In other countries, internal or external reference pricing is used to set benchmark prices for drugs. Using external reference pricing, the price of a pharmaceutical product is compared across similar countries and used to set a benchmark or reference price. A similar method called internal reference pricing compares the prices of individual drugs to similar drugs in the same market to establish a benchmark price. Value-based drug pricing refers to a system where producers and purchasers negotiate on the fair price of a drug based on how well the drug performs in real patients. In many cases, rebates are mandated if the drugs fail. The theory behind value-based pricing is that by including patient outcomes as a measure in pricing, companies can more accurately assess the true value of a drug.
Over the last decade, as rising drug prices have become an increasing concern to the American public and policymakers, several legislative efforts have attempted to make headway in addressing the issue.
In September, President Trump signed an executive order that would allow Medicare to engage in external reference pricing. Though many herald this as a big win in the fight against runaway drug prices, this Executive Order will likely involve a long uphill battle including many challenges in court before the government can implement any aspect of it.
At the State level, many have enacted laws similar to California’s Drug Transparency law, which compels pharmaceutical companies to report price increases on prescription drugs 90 days prior to the price change taking effect. Broad analysis of these laws show that overall, they lack effectiveness as most States lack the ability to enforce violations.
In addition to reducing maximum out of pocket expenses for drugs by Americans receiving Medicare benefits, The Elijah E. Cummings Lower Drug Costs Now Act would enable Medicare to negotiate drug prices with manufacturers. Additionally, this bill would increase drug-pricing transparency by mandating advance reporting of price increases and would impose penalties to drug-makers who increased prices at a rate greater than inflation. This bill passed in the House of Representatives in December 2019 but has not yet surfaced on the Senate floor.
Drug Pricing and COVID
Unfortunately for the millions of Americans facing COVID-19 infections, despite an unprecedented global pandemic, there are no special protections in place to negotiate fair drug pricing of treatments or therapies related to COVID-19. One advocacy group has released data showing that since the beginning pandemic, prices have increased on 245 drugs, including 61 drugs directly related to COVID-19 treatment. Gilead’s Remdesivir is priced at $520 per dose, or more than $3,000 for a full course of treatment, despite a taxpayer investment of almost $100 Million to help develop the drug. On a brighter note, according to the CDC, “Vaccine doses purchased with U.S. taxpayer dollars will be given to the American people at no cost,” however, patients may still be responsible for administrative fees associated with vaccine distribution.
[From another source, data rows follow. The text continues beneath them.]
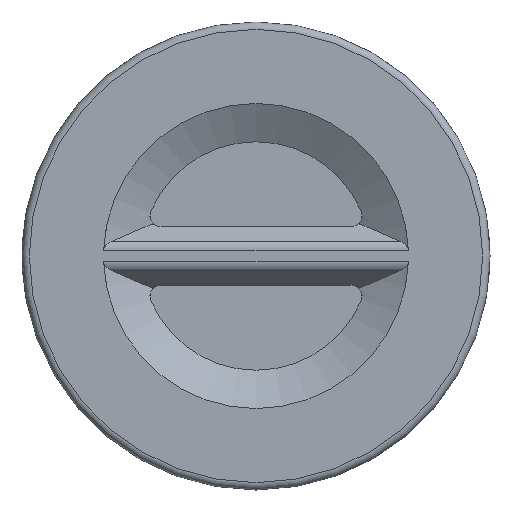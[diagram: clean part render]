
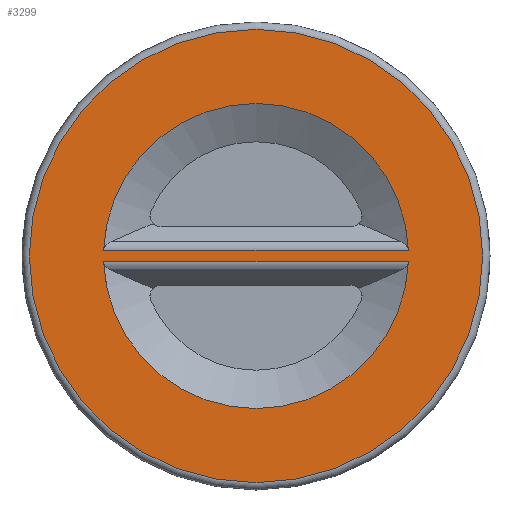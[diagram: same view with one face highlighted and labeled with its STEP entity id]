
A CAD part, front view. The second image highlights one B-rep face of the part: STEP entity #3299.
In plain terms, the highlighted planar face has unit normal (0, -1, 0).
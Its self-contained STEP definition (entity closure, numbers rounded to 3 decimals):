
#23=PLANE('',#3630);
#196=FACE_BOUND('',#644,.T.);
#197=FACE_BOUND('',#645,.T.);
#232=CIRCLE('',#3519,61.5);
#251=CIRCLE('',#3545,41.392);
#305=CIRCLE('',#3629,41.392);
#424=FACE_OUTER_BOUND('',#643,.T.);
#643=EDGE_LOOP('',(#2521));
#644=EDGE_LOOP('',(#2522,#2523));
#645=EDGE_LOOP('',(#2524,#2525));
#899=LINE('',#6334,#1140);
#900=LINE('',#6335,#1141);
#1140=VECTOR('',#4199,1000.);
#1141=VECTOR('',#4200,1000.);
#1435=VERTEX_POINT('',#5270);
#1471=VERTEX_POINT('',#5516);
#1472=VERTEX_POINT('',#5527);
#1612=VERTEX_POINT('',#6289);
#1613=VERTEX_POINT('',#6300);
#1776=EDGE_CURVE('',#1435,#1435,#232,.T.);
#1819=EDGE_CURVE('',#1471,#1472,#251,.T.);
#1973=EDGE_CURVE('',#1612,#1613,#305,.T.);
#1978=EDGE_CURVE('',#1471,#1472,#899,.T.);
#1979=EDGE_CURVE('',#1613,#1612,#900,.T.);
#2521=ORIENTED_EDGE('',*,*,#1776,.T.);
#2522=ORIENTED_EDGE('',*,*,#1978,.T.);
#2523=ORIENTED_EDGE('',*,*,#1819,.F.);
#2524=ORIENTED_EDGE('',*,*,#1973,.F.);
#2525=ORIENTED_EDGE('',*,*,#1979,.F.);
#3299=ADVANCED_FACE('',(#424,#196,#197),#23,.T.);
#3519=AXIS2_PLACEMENT_3D('',#5271,#3909,#3910);
#3545=AXIS2_PLACEMENT_3D('',#5528,#3974,#3975);
#3629=AXIS2_PLACEMENT_3D('',#6301,#4195,#4196);
#3630=AXIS2_PLACEMENT_3D('',#6333,#4197,#4198);
#3909=DIRECTION('center_axis',(0.,-1.,0.));
#3910=DIRECTION('ref_axis',(0.,0.,-1.));
#3974=DIRECTION('center_axis',(0.,-1.,0.));
#3975=DIRECTION('ref_axis',(0.,0.,-1.));
#4195=DIRECTION('center_axis',(0.,-1.,0.));
#4196=DIRECTION('ref_axis',(0.,0.,-1.));
#4197=DIRECTION('center_axis',(0.,-1.,0.));
#4198=DIRECTION('ref_axis',(0.,0.,-1.));
#4199=DIRECTION('',(1.,0.,0.));
#4200=DIRECTION('',(1.,0.,0.));
#5270=CARTESIAN_POINT('',(0.,0.,61.5));
#5271=CARTESIAN_POINT('Origin',(0.,0.,
0.));
#5516=CARTESIAN_POINT('',(-41.362,0.,-1.586));
#5527=CARTESIAN_POINT('',(41.362,0.,-1.586));
#5528=CARTESIAN_POINT('Origin',(0.,0.,
0.));
#6289=CARTESIAN_POINT('',(41.362,0.,1.586));
#6300=CARTESIAN_POINT('',(-41.362,0.,1.586));
#6301=CARTESIAN_POINT('Origin',(0.,0.,
0.));
#6333=CARTESIAN_POINT('Origin',(0.,0.,0.));
#6334=CARTESIAN_POINT('',(-41.362,0.,-1.586));
#6335=CARTESIAN_POINT('',(-41.362,0.,1.586));

Policymakers on both sides of the aisle now consider runaway prescription drug prices a key issue. Recent history clearly demonstrates that without direct intervention, drug prices will continue to climb and the American people will continue to bear the heavy burden of price hikes. International examples have shown that experts can establish drug pricing models to enable the fair pricing of drugs for both consumers and manufacturers. American policymakers would do well to consider introducing reference and value-based pricing models into our systems to ensure that all Americans can afford to access the health care they need.